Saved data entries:
——————
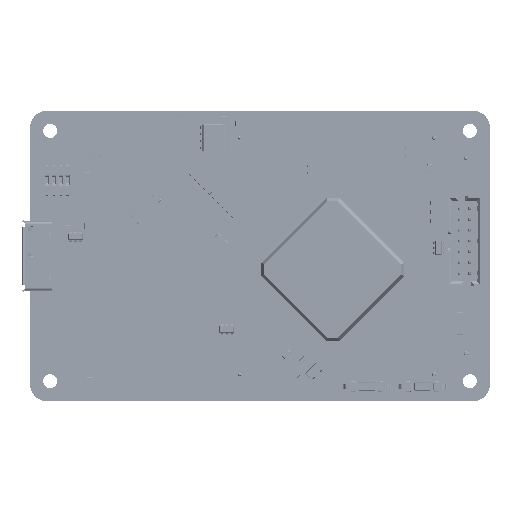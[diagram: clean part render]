
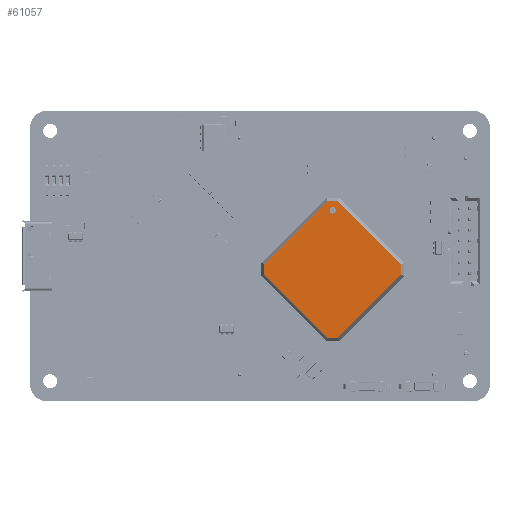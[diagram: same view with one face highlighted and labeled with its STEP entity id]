
A CAD part, top view. The second image highlights one B-rep face of the part: STEP entity #61057.
In plain terms, the highlighted planar face has unit normal (0, 0, 1).
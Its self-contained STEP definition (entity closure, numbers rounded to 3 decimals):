
#22266=FACE_BOUND('NONE',#51644,.T.);
#45763=FACE_OUTER_BOUND('NONE',#52659,.T.);
#51644=EDGE_LOOP('NONE',(#93775,#93776));
#52659=EDGE_LOOP('NONE',(#93767,#93768,#93769,#93770,#93771,#93772,#93773,
#93774));
#56941=PLANE('NONE',#72672);
#61057=ADVANCED_FACE('NONE',(#45763,#22266),#56941,.T.);
#65075=CIRCLE('NONE',#74041,0.6);
#66414=CIRCLE('NONE',#73557,0.6);
#72672=AXIS2_PLACEMENT_3D('NONE',#207389,#172154,#172156);
#73557=AXIS2_PLACEMENT_3D('NONE',#207868,#172986,#172987);
#74041=AXIS2_PLACEMENT_3D('NONE',#207440,#172241,#172242);
#93767=ORIENTED_EDGE('NONE',*,*,#113863,.F.);
#93768=ORIENTED_EDGE('NONE',*,*,#114410,.F.);
#93769=ORIENTED_EDGE('NONE',*,*,#114040,.F.);
#93770=ORIENTED_EDGE('NONE',*,*,#114398,.F.);
#93771=ORIENTED_EDGE('NONE',*,*,#114271,.F.);
#93772=ORIENTED_EDGE('NONE',*,*,#113664,.F.);
#93773=ORIENTED_EDGE('NONE',*,*,#113877,.F.);
#93774=ORIENTED_EDGE('NONE',*,*,#113866,.F.);
#93775=ORIENTED_EDGE('NONE',*,*,#113624,.T.);
#93776=ORIENTED_EDGE('NONE',*,*,#114455,.T.);
#113624=EDGE_CURVE('NONE',#145398,#145397,#66414,.T.);
#113664=EDGE_CURVE('NONE',#145391,#145393,#136825,.T.);
#113863=EDGE_CURVE('NONE',#145395,#145394,#136915,.T.);
#113866=EDGE_CURVE('NONE',#145394,#145390,#136920,.T.);
#113877=EDGE_CURVE('NONE',#145390,#145391,#136925,.T.);
#114040=EDGE_CURVE('NONE',#145392,#145396,#136955,.T.);
#114271=EDGE_CURVE('NONE',#145393,#145399,#136052,.T.);
#114398=EDGE_CURVE('NONE',#145399,#145392,#136119,.T.);
#114410=EDGE_CURVE('NONE',#145396,#145395,#136127,.T.);
#114455=EDGE_CURVE('NONE',#145397,#145398,#65075,.T.);
#125571=VECTOR('NONE',#171788,1000.);
#125637=VECTOR('NONE',#172087,1000.);
#125646=VECTOR('NONE',#172123,1000.);
#126343=VECTOR('NONE',#173044,1000.);
#126435=VECTOR('NONE',#169755,1000.);
#126437=VECTOR('NONE',#169764,1000.);
#126443=VECTOR('NONE',#169775,1000.);
#126472=VECTOR('NONE',#170824,1000.);
#136052=LINE('NONE',#207167,#125571);
#136119=LINE('NONE',#207347,#125637);
#136127=LINE('NONE',#207370,#125646);
#136825=LINE('NONE',#207903,#126343);
#136915=LINE('NONE',#204895,#126435);
#136920=LINE('NONE',#204900,#126437);
#136925=LINE('NONE',#204910,#126443);
#136955=LINE('NONE',#206630,#126472);
#145390=VERTEX_POINT('NONE',#205156);
#145391=VERTEX_POINT('NONE',#205160);
#145392=VERTEX_POINT('NONE',#205162);
#145393=VERTEX_POINT('NONE',#205163);
#145394=VERTEX_POINT('NONE',#205159);
#145395=VERTEX_POINT('NONE',#205165);
#145396=VERTEX_POINT('NONE',#205166);
#145397=VERTEX_POINT('NONE',#205161);
#145398=VERTEX_POINT('NONE',#205168);
#145399=VERTEX_POINT('NONE',#205170);
#169755=DIRECTION('NONE',(-0.707,-0.707,0.));
#169764=DIRECTION('NONE',(-1.,0.,0.));
#169775=DIRECTION('NONE',(-0.707,0.707,0.));
#170824=DIRECTION('NONE',(0.707,-0.707,0.));
#171788=DIRECTION('NONE',(0.707,0.707,0.));
#172087=DIRECTION('NONE',(1.,0.,0.));
#172123=DIRECTION('NONE',(0.,-1.,0.));
#172154=DIRECTION('NONE',(0.,0.,1.));
#172156=DIRECTION('NONE',(0.,-1.,0.));
#172241=DIRECTION('NONE',(0.,0.,-1.));
#172242=DIRECTION('NONE',(0.,-1.,0.));
#172986=DIRECTION('NONE',(0.,0.,-1.));
#172987=DIRECTION('NONE',(0.,-1.,0.));
#173044=DIRECTION('NONE',(0.,1.,0.));
#204895=CARTESIAN_POINT('NONE',(-0.408,-18.392,1.8));
#204900=CARTESIAN_POINT('NONE',(-18.8,-9.673,1.8));
#204910=CARTESIAN_POINT('NONE',(-18.392,0.408,1.8));
#205156=CARTESIAN_POINT('NONE',(-8.311,-9.673,1.8));
#205159=CARTESIAN_POINT('NONE',(8.311,-9.673,1.8));
#205160=CARTESIAN_POINT('NONE',(-9.673,-8.311,1.8));
#205161=CARTESIAN_POINT('NONE',(-7.77,8.37,1.8));
#205162=CARTESIAN_POINT('NONE',(8.311,9.673,1.8));
#205163=CARTESIAN_POINT('NONE',(-9.673,8.311,1.8));
#205165=CARTESIAN_POINT('NONE',(9.673,-8.311,1.8));
#205166=CARTESIAN_POINT('NONE',(9.673,8.311,1.8));
#205168=CARTESIAN_POINT('NONE',(-7.77,7.17,1.8));
#205170=CARTESIAN_POINT('NONE',(-8.311,9.673,1.8));
#206630=CARTESIAN_POINT('NONE',(-0.408,18.392,1.8));
#207167=CARTESIAN_POINT('NONE',(-18.392,-0.408,1.8));
#207347=CARTESIAN_POINT('NONE',(-18.8,9.673,1.8));
#207370=CARTESIAN_POINT('NONE',(9.673,0.,
1.8));
#207389=CARTESIAN_POINT('NONE',(-18.8,0.,1.8));
#207440=CARTESIAN_POINT('NONE',(-7.77,7.77,1.8));
#207868=CARTESIAN_POINT('NONE',(-7.77,7.77,1.8));
#207903=CARTESIAN_POINT('NONE',(-9.673,0.,
1.8));
——————
• PROBLEM: Only the lines from the top of the data through the line with "#114410=EDGE_CURVE('NONE',#145396,#145395,#136127,.T.);" should be quoted, exactly and with both ends kept; skip the pictures.

• ANSWER SECTION:
[diagram: clean part render]
[diagram: same view with one face highlighted and labeled with its STEP entity id]
A CAD part, top view. The second image highlights one B-rep face of the part: STEP entity #61057.
In plain terms, the highlighted planar face has unit normal (0, 0, 1).
Its self-contained STEP definition (entity closure, numbers rounded to 3 decimals):
#22266=FACE_BOUND('NONE',#51644,.T.);
#45763=FACE_OUTER_BOUND('NONE',#52659,.T.);
#51644=EDGE_LOOP('NONE',(#93775,#93776));
#52659=EDGE_LOOP('NONE',(#93767,#93768,#93769,#93770,#93771,#93772,#93773,
#93774));
#56941=PLANE('NONE',#72672);
#61057=ADVANCED_FACE('NONE',(#45763,#22266),#56941,.T.);
#65075=CIRCLE('NONE',#74041,0.6);
#66414=CIRCLE('NONE',#73557,0.6);
#72672=AXIS2_PLACEMENT_3D('NONE',#207389,#172154,#172156);
#73557=AXIS2_PLACEMENT_3D('NONE',#207868,#172986,#172987);
#74041=AXIS2_PLACEMENT_3D('NONE',#207440,#172241,#172242);
#93767=ORIENTED_EDGE('NONE',*,*,#113863,.F.);
#93768=ORIENTED_EDGE('NONE',*,*,#114410,.F.);
#93769=ORIENTED_EDGE('NONE',*,*,#114040,.F.);
#93770=ORIENTED_EDGE('NONE',*,*,#114398,.F.);
#93771=ORIENTED_EDGE('NONE',*,*,#114271,.F.);
#93772=ORIENTED_EDGE('NONE',*,*,#113664,.F.);
#93773=ORIENTED_EDGE('NONE',*,*,#113877,.F.);
#93774=ORIENTED_EDGE('NONE',*,*,#113866,.F.);
#93775=ORIENTED_EDGE('NONE',*,*,#113624,.T.);
#93776=ORIENTED_EDGE('NONE',*,*,#114455,.T.);
#113624=EDGE_CURVE('NONE',#145398,#145397,#66414,.T.);
#113664=EDGE_CURVE('NONE',#145391,#145393,#136825,.T.);
#113863=EDGE_CURVE('NONE',#145395,#145394,#136915,.T.);
#113866=EDGE_CURVE('NONE',#145394,#145390,#136920,.T.);
#113877=EDGE_CURVE('NONE',#145390,#145391,#136925,.T.);
#114040=EDGE_CURVE('NONE',#145392,#145396,#136955,.T.);
#114271=EDGE_CURVE('NONE',#145393,#145399,#136052,.T.);
#114398=EDGE_CURVE('NONE',#145399,#145392,#136119,.T.);
#114410=EDGE_CURVE('NONE',#145396,#145395,#136127,.T.);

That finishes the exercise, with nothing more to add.